EXERCISE BRIEF — Copy out exactly the lines spanning the line with "of L2.end L1.end" to the line with "import ezdxf", inclusive, from the data underneath, with no pictures.

(Items listed in a dataset)
..............................
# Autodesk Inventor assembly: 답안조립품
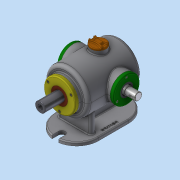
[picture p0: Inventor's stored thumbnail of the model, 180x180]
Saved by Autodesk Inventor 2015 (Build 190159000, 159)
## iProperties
Created: 2018-02
Part Number: 답안조립품
Document SubType Name: Assembly
Designer: SCD-A03
Author: SCD-A03
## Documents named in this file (16)
- C:\Users\SCD-A03\Desktop\380208V1004\답안조립품.iam
- C:\Users\SCD-A03\Desktop\380208V1004\본체.ipt
- C:\Users\SCD-A03\Desktop\380208V1004\가변스프링.ipt
- C:\Users\SCD-A03\Desktop\380208V1004\베어링 6205.ipt
- 베어링 6205.ipt
- C:\Users\SCD-A03\Desktop\380208V1004\본체커버.ipt
- C:\Users\SCD-A03\Desktop\380208V1004\볼트 M4.ipt
- C:\Users\SCD-A03\Desktop\380208V1004\부시.ipt
- C:\Users\SCD-A03\Desktop\380208V1004\상부 캡.ipt
- C:\Users\SCD-A03\Desktop\380208V1004\슬라이드 커버.ipt
- C:\Users\SCD-A03\Desktop\380208V1004\슬라이드.ipt
- C:\Users\SCD-A03\Desktop\380208V1004\오일실.ipt
- 오일실.ipt
- C:\Users\SCD-A03\Desktop\380208V1004\축 커버-1.ipt
- C:\Users\SCD-A03\Desktop\380208V1004\축 커버-2.ipt
- C:\Users\SCD-A03\Desktop\380208V1004\편심축.ipt
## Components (1 placed, 1 different names)
1. 가변스프링:1
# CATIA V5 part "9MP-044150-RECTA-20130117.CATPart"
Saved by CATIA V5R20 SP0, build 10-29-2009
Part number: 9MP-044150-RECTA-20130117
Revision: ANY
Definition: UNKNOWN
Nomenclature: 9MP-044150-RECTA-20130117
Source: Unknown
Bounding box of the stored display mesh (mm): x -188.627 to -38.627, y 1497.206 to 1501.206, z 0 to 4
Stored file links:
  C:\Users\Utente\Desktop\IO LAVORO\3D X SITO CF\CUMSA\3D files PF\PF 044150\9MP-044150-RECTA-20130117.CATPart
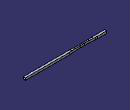
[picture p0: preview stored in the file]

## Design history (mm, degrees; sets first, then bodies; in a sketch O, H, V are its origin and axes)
Body1 "Cortar-Extruir1" (main body)
  Solid1: solid without history
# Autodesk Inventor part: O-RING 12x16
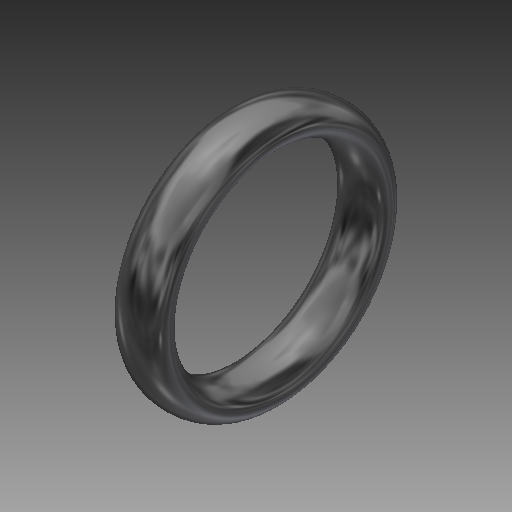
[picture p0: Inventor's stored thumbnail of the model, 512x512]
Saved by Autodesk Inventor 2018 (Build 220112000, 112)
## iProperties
Created: 2020-02
Part Number: O-RING 12x16
Material: 고무
Document SubType Name: Modeling
Designer: mduedu
Density: 1 g/cm^3
Appearance: 고무 - 검은색 - 버전 1.1
Author: mduedu
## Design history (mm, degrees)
sketch "스케치1"
  geometry: L1 (-2.24, 0)-(2.24, 0) reference; L2 (-1.6, 7)-(1.6, 7); L3 (0, 8)-(0, 6); 6 further points; 1 other entity
  constraints: 4 end point, 3 coincident, 2 midpoint, 1 horizontal, 1 vertical, 1 vertical alignment, 6 other
  dimensions: "d0" = 1.6 distance of point (1.6, 7) point (0, 7); "d2" = 12 diameter of point (0, 6) L1; "d3" = 16 diameter of point (0, 8) L1
revolve "회전1" sketch "스케치1" stored, may be unused: angle "d4" = 90 deg
node "솔리드1"
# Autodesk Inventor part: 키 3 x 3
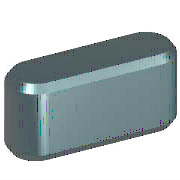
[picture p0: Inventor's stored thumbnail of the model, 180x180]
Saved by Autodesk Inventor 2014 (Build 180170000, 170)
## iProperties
Created: 2012-02
Part Number: 키 3 x 3
Material: 강철, 연강
Description: 키 및 해당 키홈
Document SubType Name: Modeling
Standard: KS B 1311
Designer: mduedu
Standards Organization: KS
Language: ko-KR
Size Designation: 3 x 3 x 12
Categories: <MemberInstance><Categories><Category DisplayName="샤프트 부품" InternalName="7f7aeb1f-a693-4053-b835-cee3144e0d98" Mnemonic="SHFT"><Category DisplayName="키" Interna
Density: 7.86 g/cm^3
Mass: 0.790122 g
Surface Area: 1.42216 cm^2
Volume: 0.100524 cm^3
Appearance: 노란색
IsCustomPart: 1
Author: mduedu
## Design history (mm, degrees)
workplane "Work Plane1"
workplane "Work Plane2"
sketch "스케치1"
  geometry: L1 (1.5, 1.5)-(10.5, 1.5); L2 (10.5, -1.5)-(1.5, -1.5); L3 (0, 9.4)-(0, -7.4) reference; L4 (-5, 0)-(30, 0) reference; L5 (12, 0)-(12, 7); A1 r 1.5 centre (1.5, 0) between (1.5, 1.5) and (1.5, -1.5); A2 r 1.5 centre (10.5, 0) between (10.5, -1.5) and (10.5, 1.5)
  constraints: 6 end point, 5 point on circle, 4 tangent, 3 point on line, 2 centre point, 1 horizontal, 1 parallel, 1 perpendicular
  dimensions: "d0" = 1.5 radius of A1 (= 0.5 x PB); "d13" = 1.5 radius of A2 (= 0.5 x PB); "d14" = 12 distance between parallel lines of L5 L3 (= NLG)
extrude "본체1" new body sketch "스케치1" taper "d3" = 0 deg; stored distance "d4" = 10
workplane "Work Plane3"
body "Solid1"
chamfer "모따기1" distance "d8" = 0.25 (= PHH); stored, may be unused: second distance "d9" = 0.25 (= PHH), angle "d15" = 45 deg
other parameters: "d1" = -1.8 (= -PNT), "d2" = 1.2 (= PH - PNT), "NLG" = 12 [user parameter; used in 3 equation terms], "PB" = 3 [user parameter; used in 2 equation terms], "PNT" = 1.8 [user parameter; used in 2 equation terms], "PH" = 3 [user parameter; used in 1 equation term], "PHH" = 0.25 [user parameter; used in 2 equation terms], "d10" = 0, "d16" = 0, "d17" = 0, "d18" = 0, "WDMIN" = 8 [user parameter], "PLB2" = 12 (= NLG) [user parameter], "PLB1" = 12 (= NLG) [user parameter], "RR" = 0.08 [user parameter], "PUEB" = 1.4 [user parameter]
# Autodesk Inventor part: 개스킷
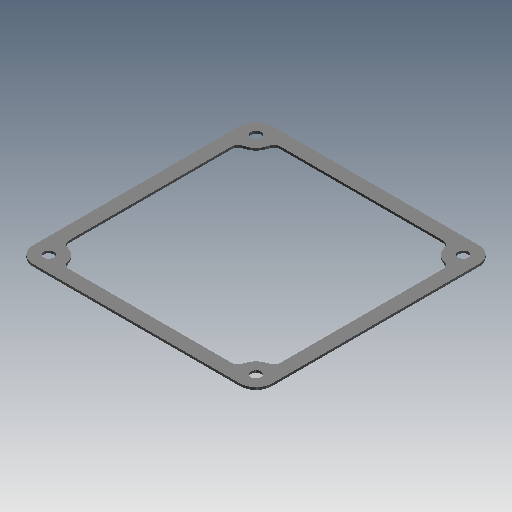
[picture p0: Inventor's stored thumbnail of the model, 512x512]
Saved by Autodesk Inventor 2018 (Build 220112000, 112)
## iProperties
Created: 2019-04
Part Number: 개스킷
Material: 고무
Document SubType Name: Modeling
Designer: mduedu
Density: 0.93 g/cm^3
Mass: 2.32152 g
Surface Area: 58.0824 cm^2
Volume: 2.49626 cm^3
Appearance: 고무 - 검은색 - 버전 1.1
Author: mduedu
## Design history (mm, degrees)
sketch "스케치1"
  geometry: L1 (52.5, 52.5)-(-52.5, 52.5); L2 (-52.5, 52.5)-(-52.5, -52.5); L3 (-52.5, -52.5)-(52.5, -52.5); L4 (52.5, -52.5)-(52.5, 52.5); L5 (52.5, 52.5)-(-52.5, -52.5); L6 (-52.5, 52.5)-(52.5, -52.5); 1 further point
  constraints: 12 end point, 2 midpoint, 2 parallel, 1 horizontal, 1 perpendicular
  dimensions: "d0" = 105 distance of L3.end L2.end; "d1" = 105 distance of L2.end L1.end
extrude "돌출1" new body sketch "스케치1" distance "d2" = 1; taper "d3" = 0 deg
sketch "스케치2"
  geometry: L1 (-52.5, -52.5)-(52.5, -52.5) reference; L2 (52.5, -52.5)-(52.5, 52.5) reference; L3 (52.5, 52.5)-(-52.5, 52.5) reference; L4 (-52.5, 52.5)-(-52.5, -52.5) reference; L5 (-46.5, 46.5)-(46.5, 46.5); L6 (46.5, 46.5)-(46.5, -46.5); L7 (46.5, -46.5)-(-46.5, -46.5); L8 (-46.5, -46.5)-(-46.5, 46.5); 1 further point
  constraints: 8 end point, 3 other
  dimensions: "d4" = 6 distance between parallel lines of L5 L3
extrude "돌출2" cut sketch "스케치2" extent not by distance; stored distance "d5" = 1; taper "d6" = 0 deg
fillet "모깎기1" dims "d7" = 7
sketch "스케치3"
  geometry: A1 r 7 centre (-45.5, 45.5) between (-45.5, 52.5) and (-52.5, 45.5) reference; A2 r 7 centre (-45.5, -45.5) between (-52.5, -45.5) and (-45.5, -52.5) reference; A3 r 7 centre (45.5, -45.5) between (45.5, -52.5) and (52.5, -45.5) reference; A4 r 7 centre (45.5, 45.5) between (52.5, 45.5) and (45.5, 52.5) reference; 5 further points
  constraints: 4 coincident, 4 vertical alignment, 8 other
extrude "돌출3" join sketch "스케치3" stored distance "d8" = 1; taper "d9" = 0 deg
fillet "모깎기2" dims "d10" = 3
sketch "스케치4"
  geometry: A1 r 7 centre (-45.5, 45.5) between (-45.5, 52.5) and (-52.5, 45.5) reference; A2 r 7 centre (45.5, 45.5) between (52.5, 45.5) and (45.5, 52.5) reference; A3 r 7 centre (45.5, -45.5) between (45.5, -52.5) and (52.5, -45.5) reference; A4 r 7 centre (-45.5, -45.5) between (-52.5, -45.5) and (-45.5, -52.5) reference; 5 further points
  constraints: 4 coincident
hole "구멍1" sketch "스케치4" at (-45.5, 45.5), (45.5, 45.5), (45.5, -45.5), (-45.5, -45.5) diameter "d11" = 4.5; stored, may be unused: countersink angle "d15" = 90 deg, drill point angle "d17" = 118 deg; dims "d12" = 6, "d13" = 4, "d14" = 2, "d16" = 8
node "솔리드1"
node "투영된 루프1"
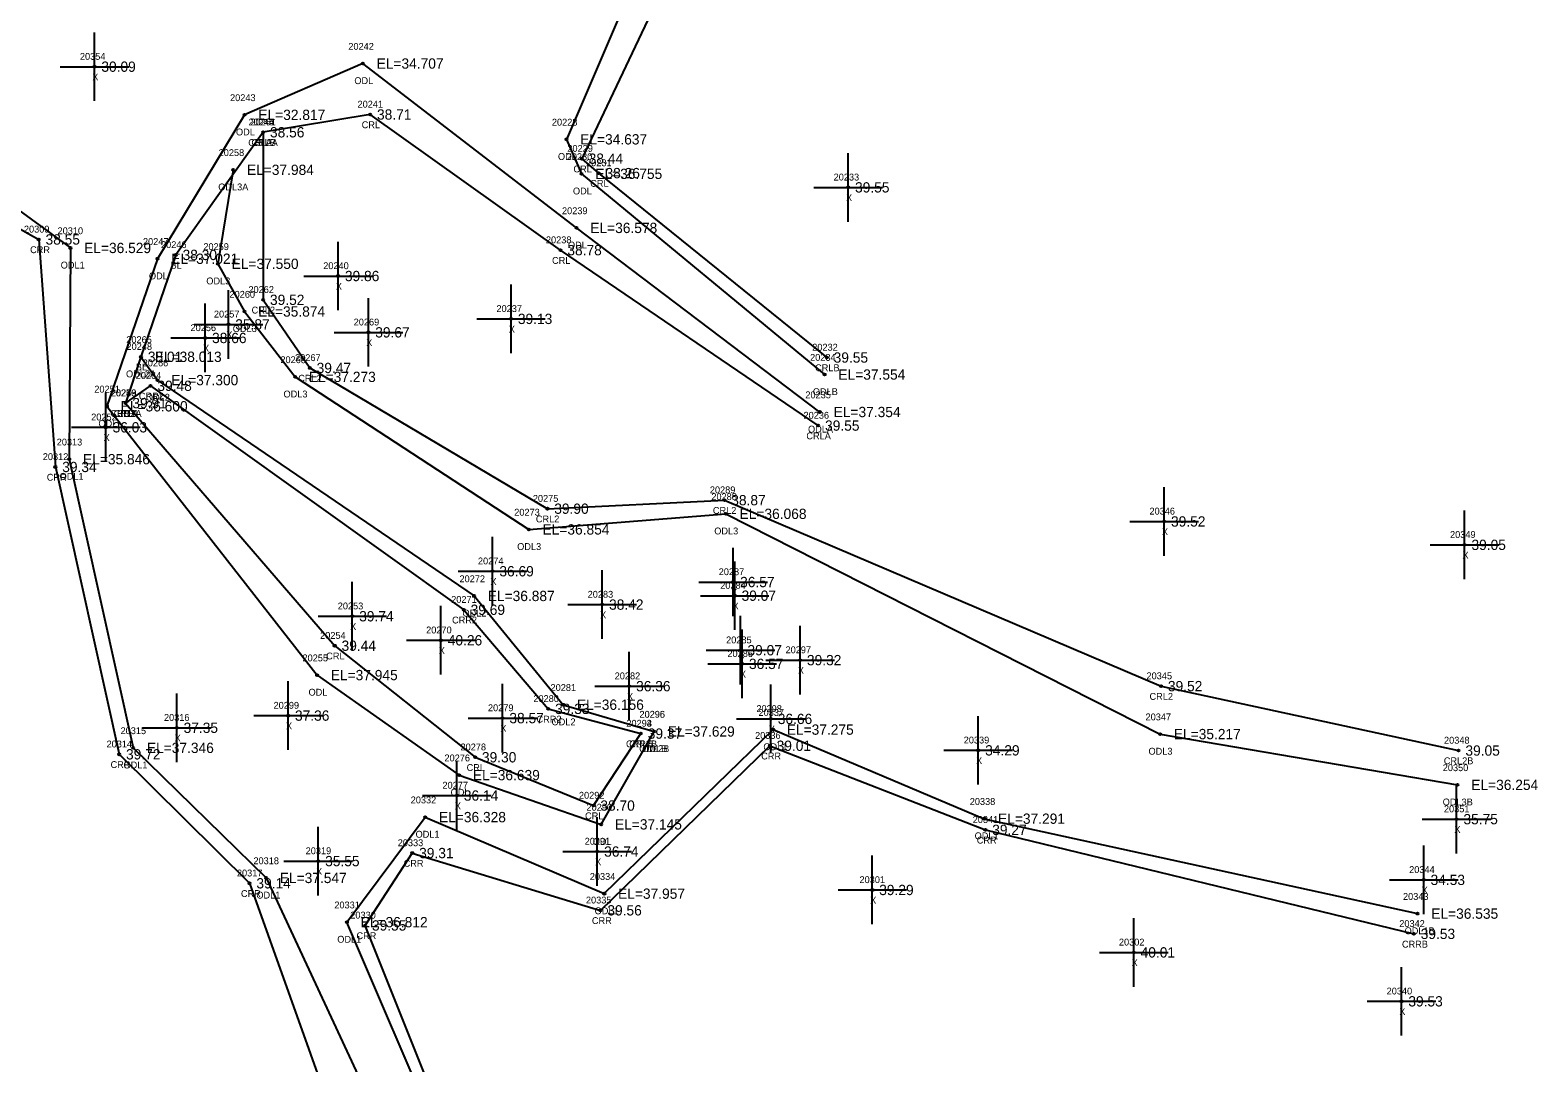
# Model space of a CAD drawing. Extents: x 2619569 to 2620117, y 784503 to 785150.
# Drawn here: x 2619897.7 to 2620117.4, y 784673.4 to 784823.9 of the extents above; entities that cross this region are included whole.
import ezdxf

# ---------------------------------------------------------------- set-up
doc = ezdxf.new("R2010")
doc.units = 0
for name, color, linetype in [('RD_DTM_BkLn1', 7, 'Continuous'), ('RD_DTM_BkLn_txCode', 7, 'Continuous'), ('RD_EX_H2O', 7, 'Continuous'), ('RD_EX_H2O_txCode', 7, 'Continuous'), ('RD_EX_Misc', 7, 'Continuous'), ('RD_EX_Misc_txCode', 7, 'Continuous'), ('RD_EX_TX_H2O_ELEV', 7, 'Continuous'), ('RD_EX_TX_Misc_ELEV', 7, 'Continuous'), ('RD_SMD_Locator', 7, 'Continuous')]:
    doc.layers.add(name, color=color, linetype=linetype)

msp = doc.modelspace()

# ---------------------------------------------------------------- linework, layer by layer
at = {"layer": 'RD_DTM_BkLn1'}
msp.add_lwpolyline([(2619931.64, 784808.99), (2619918.9, 784791.11), (2619913.84, 784776.27), (2619911.58, 784769.51)], dxfattribs=at)
at = {"layer": 'RD_EX_H2O'}
for points in [[(2619849.21, 784838.05), (2619855.06, 784843.73), (2619862.98, 784854.68), (2619876.77, 784858.94), (2619905.89, 784860.53), (2619923.25, 784863.85), (2619948.05, 784872.76), (2619969.08, 784848.67), (2619985.64, 784830.75), (2619975.85, 784807.96), (2619978.05, 784802.93), (2620013.48, 784773.68)], [(2619850.74, 784850.04), (2619858.56, 784858.85), (2619863.71, 784859.84), (2619875.95, 784863.3), (2619903.67, 784868.12), (2619924.46, 784867.36), (2619949.26, 784874.61), (2619971.3, 784850.55), (2619990.94, 784832.2), (2619978.09, 784805.14), (2619980.54, 784803.04), (2620013.79, 784776.16)], [(2620012.79, 784768.22), (2619977.32, 784795.05), (2619946.18, 784819.01), (2619928.94, 784811.53), (2619916.25, 784790.56), (2619908.88, 784769.05), (2619939.5, 784729.88), (2619960.21, 784715.3), (2619980.92, 784708.12), (2619988.62, 784721.66)], [(2619851.94, 784812.36), (2619867.47, 784809.26), (2619885.8, 784805.06), (2619903.55, 784792.13), (2619903.39, 784761.34), (2619912.7, 784719.27), (2619932.07, 784700.31), (2619950.07, 784661.69), (2619964.86, 784626.79)], [(2620012.54, 784766.24), (2619974.98, 784791.81), (2619947.24, 784811.58), (2619931.64, 784808.99)], [(2619931.64, 784808.99), (2619931.64, 784784.57), (2619938.44, 784774.64), (2619973.07, 784754.13), (2619998.87, 784755.37), (2620062.51, 784728.27), (2620105.87, 784718.88)], [(2619858.79, 784802.44), (2619861.97, 784802.62), (2619885.46, 784800.96), (2619898.93, 784793.37), (2619901.36, 784760.21), (2619910.66, 784718.33), (2619929.66, 784699.53), (2619944.47, 784658), (2619963.48, 784625.35)], [(2619927.28, 784803.52), (2619925.05, 784789.82), (2619928.92, 784782.87), (2619936.3, 784773.34), (2619970.36, 784751.11), (2619999.08, 784753.38), (2620062.37, 784721.28), (2620105.72, 784713.88)], [(2619913.84, 784776.27), (2619916.26, 784772.87), (2619962.38, 784741.41), (2619975.37, 784725.56), (2619988.62, 784721.66)], [(2619911.58, 784769.51), (2619915.23, 784772.04), (2619960.88, 784739.4), (2619973.19, 784724.95), (2619986.7, 784721.35)], [(2619911.58, 784769.51), (2619942.07, 784734.16), (2619962.53, 784717.9), (2619979.79, 784710.86), (2619986.7, 784721.35)], [(2619970.99, 784633.29), (2619957.32, 784662.49), (2619943.86, 784693.87), (2619955.27, 784709.18), (2619981.37, 784698.02), (2620005.96, 784721.93), (2620036.75, 784708.95), (2620099.89, 784695.11)], [(2619972.95, 784635.56), (2619958.84, 784662.55), (2619946.5, 784693.39), (2619953.38, 784703.94), (2619980.81, 784695.59), (2620005.48, 784719.58), (2620036.9, 784707.32), (2620099.35, 784692.16)]]:
    msp.add_lwpolyline(points, dxfattribs=at)
at = {"layer": 'RD_EX_Misc'}
for p, q in [((2619907.06, 784813.55), (2619907.06, 784823.55)), ((2619902.06, 784818.55), (2619912.06, 784818.55)), ((2620016.91, 784795.96), (2620016.91, 784805.96)), ((2620011.91, 784800.96), (2620021.91, 784800.96)), ((2619942.56, 784783.04), (2619942.56, 784793.04)), ((2619937.56, 784788.04), (2619947.56, 784788.04)), ((2619967.77, 784776.79), (2619967.77, 784786.79)), ((2619926.58, 784775.99), (2619926.58, 784785.99)), ((2619946.98, 784774.83), (2619946.98, 784784.83)), ((2619923.2, 784774.01), (2619923.2, 784784.01)), ((2619921.58, 784780.99), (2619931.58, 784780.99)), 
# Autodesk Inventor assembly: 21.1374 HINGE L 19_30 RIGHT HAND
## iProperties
Created: 2007-01
Part Number: 21.1374 HINGE L 19_30 RIGHT HAND
Document SubType Name: Assembly
Designer: Andy Moles
Author: Andy Moles
..............................
ANSWER SECTION —
  dimensions: "d0" = 105 distance of L3.end L2.end; "d1" = 105 distance of L2.end L1.end
extrude "돌출1" new body sketch "스케치1" distance "d2" = 1; taper "d3" = 0 deg
sketch "스케치2"
  geometry: L1 (-52.5, -52.5)-(52.5, -52.5) reference; L2 (52.5, -52.5)-(52.5, 52.5) reference; L3 (52.5, 52.5)-(-52.5, 52.5) reference; L4 (-52.5, 52.5)-(-52.5, -52.5) reference; L5 (-46.5, 46.5)-(46.5, 46.5); L6 (46.5, 46.5)-(46.5, -46.5); L7 (46.5, -46.5)-(-46.5, -46.5); L8 (-46.5, -46.5)-(-46.5, 46.5); 1 further point
  constraints: 8 end point, 3 other
  dimensions: "d4" = 6 distance between parallel lines of L5 L3
extrude "돌출2" cut sketch "스케치2" extent not by distance; stored distance "d5" = 1; taper "d6" = 0 deg
fillet "모깎기1" dims "d7" = 7
sketch "스케치3"
  geometry: A1 r 7 centre (-45.5, 45.5) between (-45.5, 52.5) and (-52.5, 45.5) reference; A2 r 7 centre (-45.5, -45.5) between (-52.5, -45.5) and (-45.5, -52.5) reference; A3 r 7 centre (45.5, -45.5) between (45.5, -52.5) and (52.5, -45.5) reference; A4 r 7 centre (45.5, 45.5) between (52.5, 45.5) and (45.5, 52.5) reference; 5 further points
  constraints: 4 coincident, 4 vertical alignment, 8 other
extrude "돌출3" join sketch "스케치3" stored distance "d8" = 1; taper "d9" = 0 deg
fillet "모깎기2" dims "d10" = 3
sketch "스케치4"
  geometry: A1 r 7 centre (-45.5, 45.5) between (-45.5, 52.5) and (-52.5, 45.5) reference; A2 r 7 centre (45.5, 45.5) between (52.5, 45.5) and (45.5, 52.5) reference; A3 r 7 centre (45.5, -45.5) between (45.5, -52.5) and (52.5, -45.5) reference; A4 r 7 centre (-45.5, -45.5) between (-52.5, -45.5) and (-45.5, -52.5) reference; 5 further points
  constraints: 4 coincident
hole "구멍1" sketch "스케치4" at (-45.5, 45.5), (45.5, 45.5), (45.5, -45.5), (-45.5, -45.5) diameter "d11" = 4.5; stored, may be unused: countersink angle "d15" = 90 deg, drill point angle "d17" = 118 deg; dims "d12" = 6, "d13" = 4, "d14" = 2, "d16" = 8
node "솔리드1"
node "투영된 루프1"
# Model space of a CAD drawing. Extents: x 2619569 to 2620117, y 784503 to 785150.
# Drawn here: x 2619897.7 to 2620117.4, y 784673.4 to 784823.9 of the extents above; entities that cross this region are included whole.
import ezdxf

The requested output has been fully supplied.